§ Aim of the exercise: Copy the entries exactly, leaving out nothing.

§ Dataset extract:
....

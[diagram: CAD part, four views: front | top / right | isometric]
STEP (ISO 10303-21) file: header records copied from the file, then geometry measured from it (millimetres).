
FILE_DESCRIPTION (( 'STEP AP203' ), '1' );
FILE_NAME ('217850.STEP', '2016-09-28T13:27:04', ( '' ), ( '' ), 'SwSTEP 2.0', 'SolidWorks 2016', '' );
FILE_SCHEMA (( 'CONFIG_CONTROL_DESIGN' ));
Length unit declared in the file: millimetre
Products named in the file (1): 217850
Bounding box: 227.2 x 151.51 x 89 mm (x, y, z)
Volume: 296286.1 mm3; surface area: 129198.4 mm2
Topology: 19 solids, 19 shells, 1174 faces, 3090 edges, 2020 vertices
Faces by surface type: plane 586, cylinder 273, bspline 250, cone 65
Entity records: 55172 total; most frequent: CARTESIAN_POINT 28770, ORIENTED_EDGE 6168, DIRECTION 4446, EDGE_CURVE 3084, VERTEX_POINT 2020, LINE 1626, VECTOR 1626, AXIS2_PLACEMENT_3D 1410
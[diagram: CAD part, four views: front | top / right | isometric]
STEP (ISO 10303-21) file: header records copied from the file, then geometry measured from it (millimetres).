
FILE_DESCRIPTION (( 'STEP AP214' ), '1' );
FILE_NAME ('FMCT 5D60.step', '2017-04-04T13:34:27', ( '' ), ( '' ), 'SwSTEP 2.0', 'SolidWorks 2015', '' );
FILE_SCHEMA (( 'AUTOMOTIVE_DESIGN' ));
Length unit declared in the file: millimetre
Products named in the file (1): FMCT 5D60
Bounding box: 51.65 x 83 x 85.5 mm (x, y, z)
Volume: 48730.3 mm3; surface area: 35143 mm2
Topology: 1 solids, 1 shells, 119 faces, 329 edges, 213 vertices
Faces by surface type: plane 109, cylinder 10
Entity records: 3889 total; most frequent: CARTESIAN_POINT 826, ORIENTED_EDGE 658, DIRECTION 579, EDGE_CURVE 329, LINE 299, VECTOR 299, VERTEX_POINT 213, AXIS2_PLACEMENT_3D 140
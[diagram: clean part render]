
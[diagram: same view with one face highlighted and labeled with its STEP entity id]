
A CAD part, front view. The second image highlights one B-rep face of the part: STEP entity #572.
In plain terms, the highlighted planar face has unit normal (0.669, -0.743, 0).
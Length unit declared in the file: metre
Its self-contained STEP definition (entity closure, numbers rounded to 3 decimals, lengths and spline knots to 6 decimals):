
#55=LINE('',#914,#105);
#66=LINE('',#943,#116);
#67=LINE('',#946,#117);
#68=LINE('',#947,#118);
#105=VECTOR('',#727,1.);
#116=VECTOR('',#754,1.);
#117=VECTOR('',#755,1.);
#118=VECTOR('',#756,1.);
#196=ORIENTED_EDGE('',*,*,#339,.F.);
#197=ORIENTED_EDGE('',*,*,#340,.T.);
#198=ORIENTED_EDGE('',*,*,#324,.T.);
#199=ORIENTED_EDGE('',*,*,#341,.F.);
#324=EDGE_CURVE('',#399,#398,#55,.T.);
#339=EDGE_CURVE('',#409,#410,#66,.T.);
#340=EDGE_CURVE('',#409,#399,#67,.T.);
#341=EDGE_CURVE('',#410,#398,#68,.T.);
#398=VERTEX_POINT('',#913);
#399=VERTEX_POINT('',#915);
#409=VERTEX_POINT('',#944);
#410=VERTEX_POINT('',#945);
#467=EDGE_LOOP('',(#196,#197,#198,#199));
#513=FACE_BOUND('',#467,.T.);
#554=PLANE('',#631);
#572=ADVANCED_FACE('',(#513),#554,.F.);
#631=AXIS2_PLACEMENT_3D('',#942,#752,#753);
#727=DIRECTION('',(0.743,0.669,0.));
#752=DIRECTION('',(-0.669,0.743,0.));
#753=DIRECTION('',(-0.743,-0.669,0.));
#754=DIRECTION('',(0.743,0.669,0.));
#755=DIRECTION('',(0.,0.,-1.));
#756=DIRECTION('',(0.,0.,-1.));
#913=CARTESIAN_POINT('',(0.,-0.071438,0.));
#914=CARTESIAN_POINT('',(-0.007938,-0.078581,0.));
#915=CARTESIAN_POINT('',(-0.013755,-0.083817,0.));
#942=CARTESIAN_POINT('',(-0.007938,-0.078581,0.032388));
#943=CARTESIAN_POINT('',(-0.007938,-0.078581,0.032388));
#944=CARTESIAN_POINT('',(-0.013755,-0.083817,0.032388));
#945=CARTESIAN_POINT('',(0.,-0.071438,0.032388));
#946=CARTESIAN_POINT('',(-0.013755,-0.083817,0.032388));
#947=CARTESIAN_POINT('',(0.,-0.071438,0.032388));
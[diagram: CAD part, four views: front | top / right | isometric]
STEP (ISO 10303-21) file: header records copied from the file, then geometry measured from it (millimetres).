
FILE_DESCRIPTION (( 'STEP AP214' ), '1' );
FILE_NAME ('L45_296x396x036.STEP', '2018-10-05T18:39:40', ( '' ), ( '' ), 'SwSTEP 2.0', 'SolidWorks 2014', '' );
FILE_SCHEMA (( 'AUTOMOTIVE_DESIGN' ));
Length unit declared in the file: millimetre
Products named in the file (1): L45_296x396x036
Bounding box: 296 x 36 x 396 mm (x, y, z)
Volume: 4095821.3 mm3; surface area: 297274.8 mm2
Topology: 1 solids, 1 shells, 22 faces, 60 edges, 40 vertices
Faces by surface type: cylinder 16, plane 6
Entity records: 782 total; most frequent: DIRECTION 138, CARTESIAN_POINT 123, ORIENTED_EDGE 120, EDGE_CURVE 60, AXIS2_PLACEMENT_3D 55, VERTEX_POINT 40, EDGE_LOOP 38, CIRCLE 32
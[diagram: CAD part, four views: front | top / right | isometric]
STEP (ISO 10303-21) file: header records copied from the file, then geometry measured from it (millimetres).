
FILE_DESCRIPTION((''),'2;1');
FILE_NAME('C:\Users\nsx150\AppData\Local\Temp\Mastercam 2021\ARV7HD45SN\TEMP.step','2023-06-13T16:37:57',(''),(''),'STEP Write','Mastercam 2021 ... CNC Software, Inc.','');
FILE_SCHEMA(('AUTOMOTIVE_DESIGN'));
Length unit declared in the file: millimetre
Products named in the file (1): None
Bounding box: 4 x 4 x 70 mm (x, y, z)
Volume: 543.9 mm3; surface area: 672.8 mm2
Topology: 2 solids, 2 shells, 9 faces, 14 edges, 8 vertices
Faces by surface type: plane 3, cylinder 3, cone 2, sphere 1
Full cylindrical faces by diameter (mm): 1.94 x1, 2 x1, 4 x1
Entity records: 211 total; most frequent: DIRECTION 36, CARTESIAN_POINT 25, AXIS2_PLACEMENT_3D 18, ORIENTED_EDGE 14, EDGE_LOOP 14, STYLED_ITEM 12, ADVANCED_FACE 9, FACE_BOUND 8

....

§ Task response:
[diagram: CAD part, four views: front | top / right | isometric]
STEP (ISO 10303-21) file: header records copied from the file, then geometry measured from it (millimetres).
FILE_DESCRIPTION (( 'STEP AP203' ), '1' );
FILE_NAME ('217850.STEP', '2016-09-28T13:27:04', ( '' ), ( '' ), 'SwSTEP 2.0', 'SolidWorks 2016', '' );
FILE_SCHEMA (( 'CONFIG_CONTROL_DESIGN' ));
Length unit declared in the file: millimetre
Products named in the file (1): 217850
Bounding box: 227.2 x 151.51 x 89 mm (x, y, z)
Volume: 296286.1 mm3; surface area: 129198.4 mm2
Topology: 19 solids, 19 shells, 1174 faces, 3090 edges, 2020 vertices
Faces by surface type: plane 586, cylinder 273, bspline 250, cone 65
Entity records: 55172 total; most frequent: CARTESIAN_POINT 28770, ORIENTED_EDGE 6168, DIRECTION 4446, EDGE_CURVE 3084, VERTEX_POINT 2020, LINE 1626, VECTOR 1626, AXIS2_PLACEMENT_3D 1410
[diagram: CAD part, four views: front | top / right | isometric]
STEP (ISO 10303-21) file: header records copied from the file, then geometry measured from it (millimetres).
FILE_DESCRIPTION (( 'STEP AP214' ), '1' );
FILE_NAME ('FMCT 5D60.step', '2017-04-04T13:34:27', ( '' ), ( '' ), 'SwSTEP 2.0', 'SolidWorks 2015', '' );
FILE_SCHEMA (( 'AUTOMOTIVE_DESIGN' ));
Length unit declared in the file: millimetre
Products named in the file (1): FMCT 5D60
Bounding box: 51.65 x 83 x 85.5 mm (x, y, z)
Volume: 48730.3 mm3; surface area: 35143 mm2
Topology: 1 solids, 1 shells, 119 faces, 329 edges, 213 vertices
Faces by surface type: plane 109, cylinder 10
Entity records: 3889 total; most frequent: CARTESIAN_POINT 826, ORIENTED_EDGE 658, DIRECTION 579, EDGE_CURVE 329, LINE 299, VECTOR 299, VERTEX_POINT 213, AXIS2_PLACEMENT_3D 140
[diagram: clean part render]
[diagram: same view with one face highlighted and labeled with its STEP entity id]
A CAD part, front view. The second image highlights one B-rep face of the part: STEP entity #572.
In plain terms, the highlighted planar face has unit normal (0.669, -0.743, 0).
Length unit declared in the file: metre
Its self-contained STEP definition (entity closure, numbers rounded to 3 decimals, lengths and spline knots to 6 decimals):
#55=LINE('',#914,#105);
#66=LINE('',#943,#116);
#67=LINE('',#946,#117);
#68=LINE('',#947,#118);
#105=VECTOR('',#727,1.);
#116=VECTOR('',#754,1.);
#117=VECTOR('',#755,1.);
#118=VECTOR('',#756,1.);
#196=ORIENTED_EDGE('',*,*,#339,.F.);
#197=ORIENTED_EDGE('',*,*,#340,.T.);
#198=ORIENTED_EDGE('',*,*,#324,.T.);
#199=ORIENTED_EDGE('',*,*,#341,.F.);
#324=EDGE_CURVE('',#399,#398,#55,.T.);
#339=EDGE_CURVE('',#409,#410,#66,.T.);
#340=EDGE_CURVE('',#409,#399,#67,.T.);
#341=EDGE_CURVE('',#410,#398,#68,.T.);
#398=VERTEX_POINT('',#913);
#399=VERTEX_POINT('',#915);
#409=VERTEX_POINT('',#944);
#410=VERTEX_POINT('',#945);
#467=EDGE_LOOP('',(#196,#197,#198,#199));
#513=FACE_BOUND('',#467,.T.);
#554=PLANE('',#631);
#572=ADVANCED_FACE('',(#513),#554,.F.);
#631=AXIS2_PLACEMENT_3D('',#942,#752,#753);
#727=DIRECTION('',(0.743,0.669,0.));
#752=DIRECTION('',(-0.669,0.743,0.));
#753=DIRECTION('',(-0.743,-0.669,0.));
#754=DIRECTION('',(0.743,0.669,0.));
#755=DIRECTION('',(0.,0.,-1.));
#756=DIRECTION('',(0.,0.,-1.));
#913=CARTESIAN_POINT('',(0.,-0.071438,0.));
#914=CARTESIAN_POINT('',(-0.007938,-0.078581,0.));
#915=CARTESIAN_POINT('',(-0.013755,-0.083817,0.));
#942=CARTESIAN_POINT('',(-0.007938,-0.078581,0.032388));
#943=CARTESIAN_POINT('',(-0.007938,-0.078581,0.032388));
#944=CARTESIAN_POINT('',(-0.013755,-0.083817,0.032388));
#945=CARTESIAN_POINT('',(0.,-0.071438,0.032388));
#946=CARTESIAN_POINT('',(-0.013755,-0.083817,0.032388));
#947=CARTESIAN_POINT('',(0.,-0.071438,0.032388));
[diagram: CAD part, four views: front | top / right | isometric]
STEP (ISO 10303-21) file: header records copied from the file, then geometry measured from it (millimetres).
FILE_DESCRIPTION (( 'STEP AP214' ), '1' );
FILE_NAME ('L45_296x396x036.STEP', '2018-10-05T18:39:40', ( '' ), ( '' ), 'SwSTEP 2.0', 'SolidWorks 2014', '' );
FILE_SCHEMA (( 'AUTOMOTIVE_DESIGN' ));
Length unit declared in the file: millimetre
Products named in the file (1): L45_296x396x036
Bounding box: 296 x 36 x 396 mm (x, y, z)
Volume: 4095821.3 mm3; surface area: 297274.8 mm2
Topology: 1 solids, 1 shells, 22 faces, 60 edges, 40 vertices
Faces by surface type: cylinder 16, plane 6
Entity records: 782 total; most frequent: DIRECTION 138, CARTESIAN_POINT 123, ORIENTED_EDGE 120, EDGE_CURVE 60, AXIS2_PLACEMENT_3D 55, VERTEX_POINT 40, EDGE_LOOP 38, CIRCLE 32
[diagram: CAD part, four views: front | top / right | isometric]
STEP (ISO 10303-21) file: header records copied from the file, then geometry measured from it (millimetres).
FILE_DESCRIPTION((''),'2;1');
FILE_NAME('C:\Users\nsx150\AppData\Local\Temp\Mastercam 2021\ARV7HD45SN\TEMP.step','2023-06-13T16:37:57',(''),(''),'STEP Write','Mastercam 2021 ... CNC Software, Inc.','');
FILE_SCHEMA(('AUTOMOTIVE_DESIGN'));
Length unit declared in the file: millimetre
Products named in the file (1): None
Bounding box: 4 x 4 x 70 mm (x, y, z)
Volume: 543.9 mm3; surface area: 672.8 mm2
Topology: 2 solids, 2 shells, 9 faces, 14 edges, 8 vertices
Faces by surface type: plane 3, cylinder 3, cone 2, sphere 1
Full cylindrical faces by diameter (mm): 1.94 x1, 2 x1, 4 x1
Entity records: 211 total; most frequent: DIRECTION 36, CARTESIAN_POINT 25, AXIS2_PLACEMENT_3D 18, ORIENTED_EDGE 14, EDGE_LOOP 14, STYLED_ITEM 12, ADVANCED_FACE 9, FACE_BOUND 8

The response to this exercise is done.